What you have to do>
Make an exact copy of every entry below, with the pictures left out.

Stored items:
---

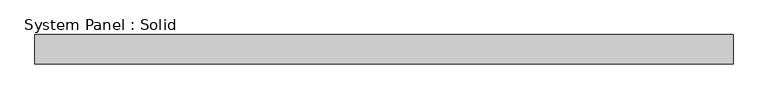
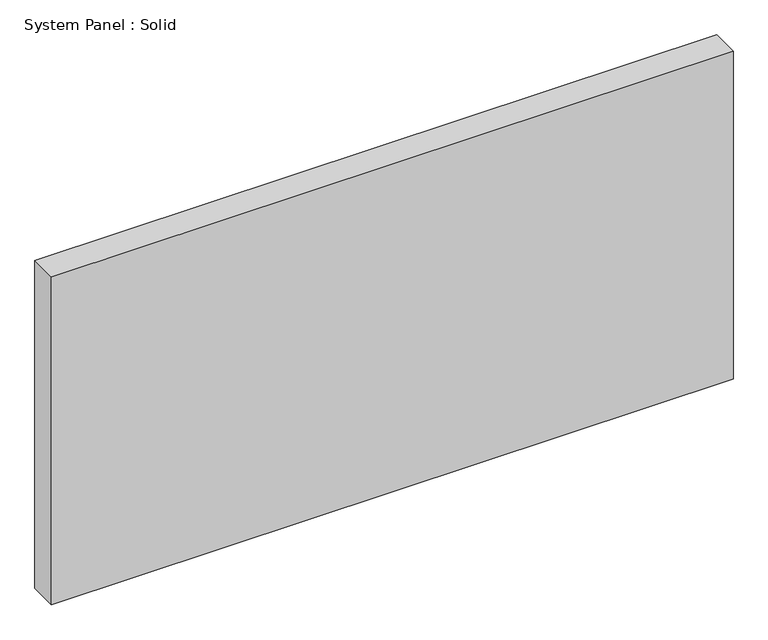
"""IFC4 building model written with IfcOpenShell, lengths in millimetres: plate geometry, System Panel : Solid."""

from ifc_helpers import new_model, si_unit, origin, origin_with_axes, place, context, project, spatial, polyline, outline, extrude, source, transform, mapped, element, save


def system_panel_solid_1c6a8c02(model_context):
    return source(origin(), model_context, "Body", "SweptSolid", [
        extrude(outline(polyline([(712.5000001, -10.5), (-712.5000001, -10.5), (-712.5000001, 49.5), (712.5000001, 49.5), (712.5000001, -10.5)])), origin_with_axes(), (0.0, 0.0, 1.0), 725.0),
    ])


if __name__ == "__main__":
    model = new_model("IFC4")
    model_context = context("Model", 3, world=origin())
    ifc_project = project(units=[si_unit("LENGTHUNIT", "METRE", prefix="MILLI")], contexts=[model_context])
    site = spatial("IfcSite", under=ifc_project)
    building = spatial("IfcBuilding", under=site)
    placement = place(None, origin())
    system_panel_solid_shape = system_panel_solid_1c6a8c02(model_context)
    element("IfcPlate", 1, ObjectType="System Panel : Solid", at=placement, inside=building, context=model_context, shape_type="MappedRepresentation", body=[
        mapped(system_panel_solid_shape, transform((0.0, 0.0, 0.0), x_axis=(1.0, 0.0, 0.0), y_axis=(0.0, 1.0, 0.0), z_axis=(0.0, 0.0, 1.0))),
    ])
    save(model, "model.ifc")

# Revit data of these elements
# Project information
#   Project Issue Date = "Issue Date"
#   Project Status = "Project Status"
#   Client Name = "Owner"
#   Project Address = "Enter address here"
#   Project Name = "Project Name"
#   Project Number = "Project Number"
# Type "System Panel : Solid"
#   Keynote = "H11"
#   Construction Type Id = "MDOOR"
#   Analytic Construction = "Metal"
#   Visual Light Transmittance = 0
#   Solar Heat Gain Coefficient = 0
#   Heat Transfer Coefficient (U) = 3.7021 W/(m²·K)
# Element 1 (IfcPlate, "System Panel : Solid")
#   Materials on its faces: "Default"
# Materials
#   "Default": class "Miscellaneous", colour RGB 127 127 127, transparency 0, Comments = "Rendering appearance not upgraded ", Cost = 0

---

Problem solution>
"""IFC4 building model written with IfcOpenShell, lengths in millimetres: plate geometry, System Panel : Solid."""

from ifc_helpers import new_model, si_unit, origin, origin_with_axes, place, context, project, spatial, polyline, outline, extrude, source, transform, mapped, element, save


def system_panel_solid_1c6a8c02(model_context):
    return source(origin(), model_context, "Body", "SweptSolid", [
        extrude(outline(polyline([(712.5000001, -10.5), (-712.5000001, -10.5), (-712.5000001, 49.5), (712.5000001, 49.5), (712.5000001, -10.5)])), origin_with_axes(), (0.0, 0.0, 1.0), 725.0),
    ])


if __name__ == "__main__":
    model = new_model("IFC4")
    model_context = context("Model", 3, world=origin())
    ifc_project = project(units=[si_unit("LENGTHUNIT", "METRE", prefix="MILLI")], contexts=[model_context])
    site = spatial("IfcSite", under=ifc_project)
    building = spatial("IfcBuilding", under=site)
    placement = place(None, origin())
    system_panel_solid_shape = system_panel_solid_1c6a8c02(model_context)
    element("IfcPlate", 1, ObjectType="System Panel : Solid", at=placement, inside=building, context=model_context, shape_type="MappedRepresentation", body=[
        mapped(system_panel_solid_shape, transform((0.0, 0.0, 0.0), x_axis=(1.0, 0.0, 0.0), y_axis=(0.0, 1.0, 0.0), z_axis=(0.0, 0.0, 1.0))),
    ])
    save(model, "model.ifc")

# Revit data of these elements
# Project information
#   Project Issue Date = "Issue Date"
#   Project Status = "Project Status"
#   Client Name = "Owner"
#   Project Address = "Enter address here"
#   Project Name = "Project Name"
#   Project Number = "Project Number"
# Type "System Panel : Solid"
#   Keynote = "H11"
#   Construction Type Id = "MDOOR"
#   Analytic Construction = "Metal"
#   Visual Light Transmittance = 0
#   Solar Heat Gain Coefficient = 0
#   Heat Transfer Coefficient (U) = 3.7021 W/(m²·K)
# Element 1 (IfcPlate, "System Panel : Solid")
#   Materials on its faces: "Default"
# Materials
#   "Default": class "Miscellaneous", colour RGB 127 127 127, transparency 0, Comments = "Rendering appearance not upgraded ", Cost = 0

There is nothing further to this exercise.